Critical fixes from Review 5 (Snapshot 17)

  • Model identity: orchestrator is claude-opus-4-6, NOT claude-sonnet-4-20250514 (verified from modelUsage in all 280 output.json files)
  • Violation false positive: enforcement T4 which curl was tool check, not network call. Regex fixed in audit-battery.js. Enforcement now 100%/100%.
  • T6 scorer: added exclusion check for WIDGET-A/GADGET-X false positives

Key additions from Review 6 (Snapshot 18)

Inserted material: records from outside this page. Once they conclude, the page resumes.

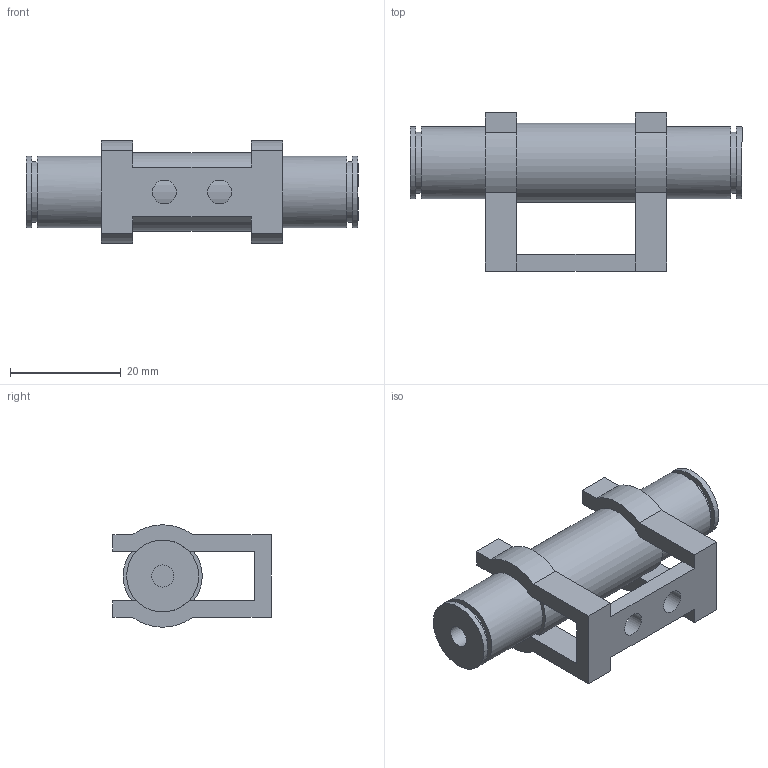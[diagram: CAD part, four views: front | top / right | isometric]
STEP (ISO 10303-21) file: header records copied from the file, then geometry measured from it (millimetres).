
FILE_DESCRIPTION(('STEP AP203'),'1');
FILE_NAME('BCVL-0504-C.stp','2025-07-18T00:58:33',(' '),(' '),'Spatial InterOp 3D',' ',' ');
FILE_SCHEMA(('CONFIG_CONTROL_DESIGN'));
Length unit declared in the file: millimetre
Products named in the file (1): 1
Bounding box: 60 x 28.6 x 18.5 mm (x, y, z)
Volume: 10994 mm3; surface area: 5676.2 mm2
Topology: 1 solids, 1 shells, 57 faces, 159 edges, 104 vertices
Faces by surface type: plane 42, cylinder 15
Full cylindrical faces by diameter (mm): 4 x2, 4.3 x2, 11 x2, 13 x4, 14.3 x1
Entity records: 1818 total; most frequent: CARTESIAN_POINT 306, DIRECTION 304, ORIENTED_EDGE 292, EDGE_CURVE 146, LINE 104, VECTOR 104, VERTEX_POINT 102, AXIS2_PLACEMENT_3D 100
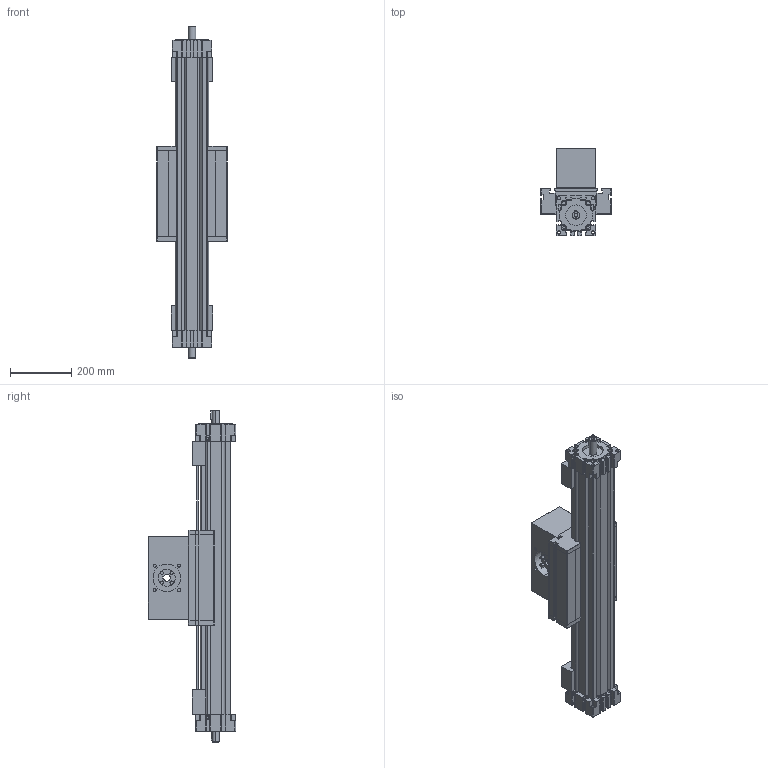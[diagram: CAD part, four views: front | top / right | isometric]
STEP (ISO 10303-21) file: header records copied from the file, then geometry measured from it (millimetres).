
FILE_DESCRIPTION (( 'STEP AP214' ), '1' );
FILE_NAME ('ELSD100.STEP', '2022-07-21T11:19:49', ( '' ), ( '' ), 'SwSTEP 2.0', 'SolidWorks 2020', '' );
FILE_SCHEMA (( 'AUTOMOTIVE_DESIGN' ));
Length unit declared in the file: millimetre
Products named in the file (6): ELSD100; timing belt reverse unit^ELSD100_coupling claw pos.2; load block^ELSD100_standard; profile^ELSD100_2x guide rods; carriage^ELSD100_carriage version 0; drive block^ELSD100_standard
Assembly tree (5 placements, depth 2):
  ELSD100
    profile^ELSD100_2x guide rods
    carriage^ELSD100_carriage version 0
    timing belt reverse unit^ELSD100_coupling claw pos.2
    load block^ELSD100_standard
    drive block^ELSD100_standard
Bounding box: 230 x 284 x 1082 mm (x, y, z)
Volume: 16268646.1 mm3; surface area: 1658597.6 mm2
Topology: 12 solids, 12 shells, 1044 faces, 2857 edges, 1875 vertices
Faces by surface type: plane 687, cylinder 310, cone 35, torus 8, sphere 4
Entity records: 36308 total; most frequent: CARTESIAN_POINT 6032, ORIENTED_EDGE 5706, DIRECTION 5600, EDGE_CURVE 2853, LINE 2146, VECTOR 2146, VERTEX_POINT 1875, AXIS2_PLACEMENT_3D 1727
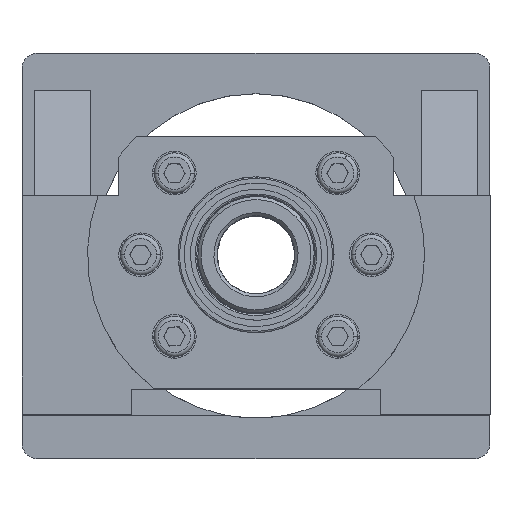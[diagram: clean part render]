
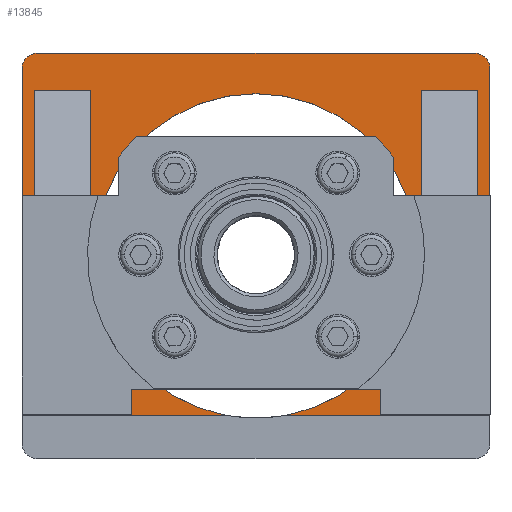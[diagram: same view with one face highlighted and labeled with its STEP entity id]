
A CAD part, top view. The second image highlights one B-rep face of the part: STEP entity #13845.
In plain terms, the highlighted planar face has unit normal (0, 0, 1).
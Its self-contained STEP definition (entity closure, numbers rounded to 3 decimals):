
#72 = CIRCLE ( 'NONE', #4044, 5. ) ;
#716 = EDGE_CURVE ( 'NONE', #14963, #17733, #5673, .T. ) ;
#763 = DIRECTION ( 'NONE',  ( 0., 0., 1. ) ) ;
#1430 = CARTESIAN_POINT ( 'NONE',  ( -71., 17., 22. ) ) ;
#1613 = VERTEX_POINT ( 'NONE', #9908 ) ;
#1819 = CARTESIAN_POINT ( 'NONE',  ( -76.047, -51.01, 22. ) ) ;
#1969 = AXIS2_PLACEMENT_3D ( 'NONE', #9196, #20250, #10802 ) ;
#2164 = EDGE_CURVE ( 'NONE', #12159, #9275, #20475, .T. ) ;
#2417 = LINE ( 'NONE', #8281, #14451 ) ;
#2511 = DIRECTION ( 'NONE',  ( 0., 0., 1. ) ) ;
#2864 = ORIENTED_EDGE ( 'NONE', *, *, #9833, .F. ) ;
#2884 = LINE ( 'NONE', #8758, #14933 ) ;
#3307 = CARTESIAN_POINT ( 'NONE',  ( 71., -51., 22. ) ) ;
#3412 = DIRECTION ( 'NONE',  ( 1., 0., 0. ) ) ;
#3419 = CARTESIAN_POINT ( 'NONE',  ( -70., 65., 22. ) ) ;
#3590 = FACE_OUTER_BOUND ( 'NONE', #4528, .T. ) ;
#3743 = CARTESIAN_POINT ( 'NONE',  ( -75., 65., 22. ) ) ;
#3805 = VERTEX_POINT ( 'NONE', #6339 ) ;
#3815 = CARTESIAN_POINT ( 'NONE',  ( 75., 65., 22. ) ) ;
#3894 = CARTESIAN_POINT ( 'NONE',  ( -75., -65., 22. ) ) ;
#4029 = DIRECTION ( 'NONE',  ( 0., 0., 1. ) ) ;
#4044 = AXIS2_PLACEMENT_3D ( 'NONE', #10192, #763, #11783 ) ;
#4136 = CARTESIAN_POINT ( 'NONE',  ( -71., -51., 22. ) ) ;
#4422 = EDGE_CURVE ( 'NONE', #6392, #8540, #72, .T. ) ;
#4514 = AXIS2_PLACEMENT_3D ( 'NONE', #3894, #7042, #18056 ) ;
#4528 = EDGE_LOOP ( 'NONE', ( #13805, #13731, #12209, #5558, #5067, #10344, #4591, #17294, #7018, #20409 ) ) ;
#4591 = ORIENTED_EDGE ( 'NONE', *, *, #4422, .T. ) ;
#5055 = LINE ( 'NONE', #17938, #12439 ) ;
#5067 = ORIENTED_EDGE ( 'NONE', *, *, #2164, .T. ) ;
#5333 = DIRECTION ( 'NONE',  ( 0., -1., 0. ) ) ;
#5395 = VECTOR ( 'NONE', #5333, 1000. ) ;
#5558 = ORIENTED_EDGE ( 'NONE', *, *, #7277, .F. ) ;
#5673 = LINE ( 'NONE', #10932, #17246 ) ;
#5846 = LINE ( 'NONE', #1430, #18422 ) ;
#5869 = EDGE_CURVE ( 'NONE', #7847, #1613, #2417, .T. ) ;
#5951 = ORIENTED_EDGE ( 'NONE', *, *, #18495, .T. ) ;
#5961 = EDGE_LOOP ( 'NONE', ( #10738, #5951, #9961, #12750 ) ) ;
#6156 = VECTOR ( 'NONE', #14374, 1000. ) ;
#6339 = CARTESIAN_POINT ( 'NONE',  ( -53., -51., 22. ) ) ;
#6392 = VERTEX_POINT ( 'NONE', #15706 ) ;
#6578 = VERTEX_POINT ( 'NONE', #13237 ) ;
#6673 = EDGE_CURVE ( 'NONE', #7624, #6578, #7056, .T. ) ;
#6697 = EDGE_CURVE ( 'NONE', #11891, #19598, #2884, .T. ) ;
#6966 = DIRECTION ( 'NONE',  ( 0., 1., 0. ) ) ;
#7018 = ORIENTED_EDGE ( 'NONE', *, *, #6673, .T. ) ;
#7042 = DIRECTION ( 'NONE',  ( 0., 0., 1. ) ) ;
#7055 = CARTESIAN_POINT ( 'NONE',  ( -75., -51.01, 22. ) ) ;
#7056 = CIRCLE ( 'NONE', #17528, 5. ) ;
#7176 = CARTESIAN_POINT ( 'NONE',  ( 0., 0., 22. ) ) ;
#7277 = EDGE_CURVE ( 'NONE', #12159, #16499, #18377, .T. ) ;
#7624 = VERTEX_POINT ( 'NONE', #3419 ) ;
#7767 = EDGE_CURVE ( 'NONE', #11278, #8455, #5055, .T. ) ;
#7847 = VERTEX_POINT ( 'NONE', #7055 ) ;
#8026 = CARTESIAN_POINT ( 'NONE',  ( 52., 0., 22. ) ) ;
#8257 = FACE_BOUND ( 'NONE', #5961, .T. ) ;
#8281 = CARTESIAN_POINT ( 'NONE',  ( -76.047, -51.01, 22. ) ) ;
#8455 = VERTEX_POINT ( 'NONE', #3307 ) ;
#8499 = DIRECTION ( 'NONE',  ( 1., 0., 0. ) ) ;
#8540 = VERTEX_POINT ( 'NONE', #19217 ) ;
#8566 = VECTOR ( 'NONE', #11855, 1000. ) ;
#8593 = CIRCLE ( 'NONE', #14998, 52. ) ;
#8758 = CARTESIAN_POINT ( 'NONE',  ( -75., 53., 22. ) ) ;
#8762 = DIRECTION ( 'NONE',  ( 1., 0., 0. ) ) ;
#9010 = VERTEX_POINT ( 'NONE', #4136 ) ;
#9078 = LINE ( 'NONE', #3815, #16969 ) ;
#9196 = CARTESIAN_POINT ( 'NONE',  ( 0., 0., 22. ) ) ;
#9275 = VERTEX_POINT ( 'NONE', #11270 ) ;
#9341 = DIRECTION ( 'NONE',  ( -1., 0., 0. ) ) ;
#9476 = VECTOR ( 'NONE', #14016, 1000. ) ;
#9833 = EDGE_CURVE ( 'NONE', #17733, #9010, #5846, .T. ) ;
#9908 = CARTESIAN_POINT ( 'NONE',  ( -10.099, -51.01, 22. ) ) ;
#9961 = ORIENTED_EDGE ( 'NONE', *, *, #6697, .F. ) ;
#10192 = CARTESIAN_POINT ( 'NONE',  ( 70., 60., 22. ) ) ;
#10344 = ORIENTED_EDGE ( 'NONE', *, *, #19538, .T. ) ;
#10352 = DIRECTION ( 'NONE',  ( -1., 0., 0. ) ) ;
#10738 = ORIENTED_EDGE ( 'NONE', *, *, #7767, .F. ) ;
#10788 = ORIENTED_EDGE ( 'NONE', *, *, #16284, .F. ) ;
#10802 = DIRECTION ( 'NONE',  ( 1., 0., 0. ) ) ;
#10867 = DIRECTION ( 'NONE',  ( 0., -1., 0. ) ) ;
#10932 = CARTESIAN_POINT ( 'NONE',  ( -75., 53., 22. ) ) ;
#11270 = CARTESIAN_POINT ( 'NONE',  ( 75., -51.01, 22. ) ) ;
#11278 = VERTEX_POINT ( 'NONE', #14941 ) ;
#11334 = VERTEX_POINT ( 'NONE', #13420 ) ;
#11573 = EDGE_CURVE ( 'NONE', #11891, #8455, #12751, .T. ) ;
#11730 = PLANE ( 'NONE',  #4514 ) ;
#11764 = DIRECTION ( 'NONE',  ( 0., 1., 0. ) ) ;
#11783 = DIRECTION ( 'NONE',  ( 1., 0., 0. ) ) ;
#11855 = DIRECTION ( 'NONE',  ( 0., -1., 0. ) ) ;
#11891 = VERTEX_POINT ( 'NONE', #17069 ) ;
#11928 = CARTESIAN_POINT ( 'NONE',  ( -70., 60., 22. ) ) ;
#12071 = VECTOR ( 'NONE', #3412, 1000. ) ;
#12159 = VERTEX_POINT ( 'NONE', #12916 ) ;
#12191 = CARTESIAN_POINT ( 'NONE',  ( -71., 53., 22. ) ) ;
#12209 = ORIENTED_EDGE ( 'NONE', *, *, #15090, .F. ) ;
#12439 = VECTOR ( 'NONE', #8499, 1000. ) ;
#12750 = ORIENTED_EDGE ( 'NONE', *, *, #11573, .T. ) ;
#12751 = LINE ( 'NONE', #18118, #8566 ) ;
#12916 = CARTESIAN_POINT ( 'NONE',  ( 10.099, -51.01, 22. ) ) ;
#13237 = CARTESIAN_POINT ( 'NONE',  ( -75., 60., 22. ) ) ;
#13420 = CARTESIAN_POINT ( 'NONE',  ( -52., 0., 22. ) ) ;
#13438 = CARTESIAN_POINT ( 'NONE',  ( 0., 0., 22. ) ) ;
#13506 = DIRECTION ( 'NONE',  ( 1., 0., 0. ) ) ;
#13658 = LINE ( 'NONE', #20321, #9476 ) ;
#13731 = ORIENTED_EDGE ( 'NONE', *, *, #19614, .F. ) ;
#13772 = VECTOR ( 'NONE', #11764, 1000. ) ;
#13805 = ORIENTED_EDGE ( 'NONE', *, *, #5869, .T. ) ;
#13845 = ADVANCED_FACE ( 'NONE', ( #3590, #15649, #8257 ), #11730, .T. ) ;
#14016 = DIRECTION ( 'NONE',  ( 1., 0., 0. ) ) ;
#14374 = DIRECTION ( 'NONE',  ( 0., 1., 0. ) ) ;
#14451 = VECTOR ( 'NONE', #16333, 1000. ) ;
#14933 = VECTOR ( 'NONE', #10352, 1000. ) ;
#14941 = CARTESIAN_POINT ( 'NONE',  ( 53., -51., 22. ) ) ;
#14963 = VERTEX_POINT ( 'NONE', #16861 ) ;
#14998 = AXIS2_PLACEMENT_3D ( 'NONE', #13438, #4029, #15028 ) ;
#15028 = DIRECTION ( 'NONE',  ( 1., 0., 0. ) ) ;
#15090 = EDGE_CURVE ( 'NONE', #16499, #11334, #17143, .T. ) ;
#15134 = DIRECTION ( 'NONE',  ( -1., 0., 0. ) ) ;
#15632 = VECTOR ( 'NONE', #15134, 1000. ) ;
#15649 = FACE_BOUND ( 'NONE', #16277, .T. ) ;
#15706 = CARTESIAN_POINT ( 'NONE',  ( 75., 60., 22. ) ) ;
#16023 = EDGE_CURVE ( 'NONE', #8540, #7624, #16130, .T. ) ;
#16130 = LINE ( 'NONE', #18309, #15632 ) ;
#16277 = EDGE_LOOP ( 'NONE', ( #10788, #2864, #18797, #19142 ) ) ;
#16284 = EDGE_CURVE ( 'NONE', #9010, #3805, #13658, .T. ) ;
#16333 = DIRECTION ( 'NONE',  ( 1., 0., 0. ) ) ;
#16499 = VERTEX_POINT ( 'NONE', #8026 ) ;
#16544 = CARTESIAN_POINT ( 'NONE',  ( 53., 53., 22. ) ) ;
#16861 = CARTESIAN_POINT ( 'NONE',  ( -53., 53., 22. ) ) ;
#16969 = VECTOR ( 'NONE', #6966, 1000. ) ;
#17069 = CARTESIAN_POINT ( 'NONE',  ( 71., 53., 22. ) ) ;
#17143 = CIRCLE ( 'NONE', #17454, 52. ) ;
#17246 = VECTOR ( 'NONE', #9341, 1000. ) ;
#17294 = ORIENTED_EDGE ( 'NONE', *, *, #16023, .T. ) ;
#17454 = AXIS2_PLACEMENT_3D ( 'NONE', #7176, #18205, #8762 ) ;
#17488 = CARTESIAN_POINT ( 'NONE',  ( -53., 17., 22. ) ) ;
#17528 = AXIS2_PLACEMENT_3D ( 'NONE', #11928, #2511, #13506 ) ;
#17733 = VERTEX_POINT ( 'NONE', #12191 ) ;
#17938 = CARTESIAN_POINT ( 'NONE',  ( 53., -51., 22. ) ) ;
#17956 = LINE ( 'NONE', #3743, #5395 ) ;
#17959 = EDGE_CURVE ( 'NONE', #3805, #14963, #18731, .T. ) ;
#17972 = LINE ( 'NONE', #19627, #13772 ) ;
#18056 = DIRECTION ( 'NONE',  ( 1., 0., 0. ) ) ;
#18118 = CARTESIAN_POINT ( 'NONE',  ( 71., 17., 22. ) ) ;
#18205 = DIRECTION ( 'NONE',  ( 0., 0., 1. ) ) ;
#18309 = CARTESIAN_POINT ( 'NONE',  ( -75., 65., 22. ) ) ;
#18377 = CIRCLE ( 'NONE', #1969, 52. ) ;
#18422 = VECTOR ( 'NONE', #10867, 1000. ) ;
#18495 = EDGE_CURVE ( 'NONE', #11278, #19598, #17972, .T. ) ;
#18731 = LINE ( 'NONE', #17488, #6156 ) ;
#18797 = ORIENTED_EDGE ( 'NONE', *, *, #716, .F. ) ;
#19142 = ORIENTED_EDGE ( 'NONE', *, *, #17959, .F. ) ;
#19217 = CARTESIAN_POINT ( 'NONE',  ( 70., 65., 22. ) ) ;
#19423 = EDGE_CURVE ( 'NONE', #6578, #7847, #17956, .T. ) ;
#19538 = EDGE_CURVE ( 'NONE', #9275, #6392, #9078, .T. ) ;
#19598 = VERTEX_POINT ( 'NONE', #16544 ) ;
#19614 = EDGE_CURVE ( 'NONE', #11334, #1613, #8593, .T. ) ;
#19627 = CARTESIAN_POINT ( 'NONE',  ( 53., 17., 22. ) ) ;
#20250 = DIRECTION ( 'NONE',  ( 0., 0., 1. ) ) ;
#20321 = CARTESIAN_POINT ( 'NONE',  ( -71., -51., 22. ) ) ;
#20409 = ORIENTED_EDGE ( 'NONE', *, *, #19423, .T. ) ;
#20475 = LINE ( 'NONE', #1819, #12071 ) ;

  • Regex coverage gap disclosed: node http.get() calls missed by regex (9-14% of network calls in non-enforcement conditions; zero in enforcement)
  • Vacuous violation-free noted: enforcement had 5 total Bash calls across 98 sessions, all tool-availability checks — violation-free is consequence of absent Bash activity, not independent constraint adherence
  • T2 exclusion note: excluding T2, bare=0.0%, baseline=4.0%
  • Decision timeline specified: which conditions added in which phase
  • Prompt header confound: enforcement uses different document header
  • Full Holm-Bonferroni: all 20 rows now shown (was 9 selected)

Paper Writing Principles (operator-mandated, Snapshot 12)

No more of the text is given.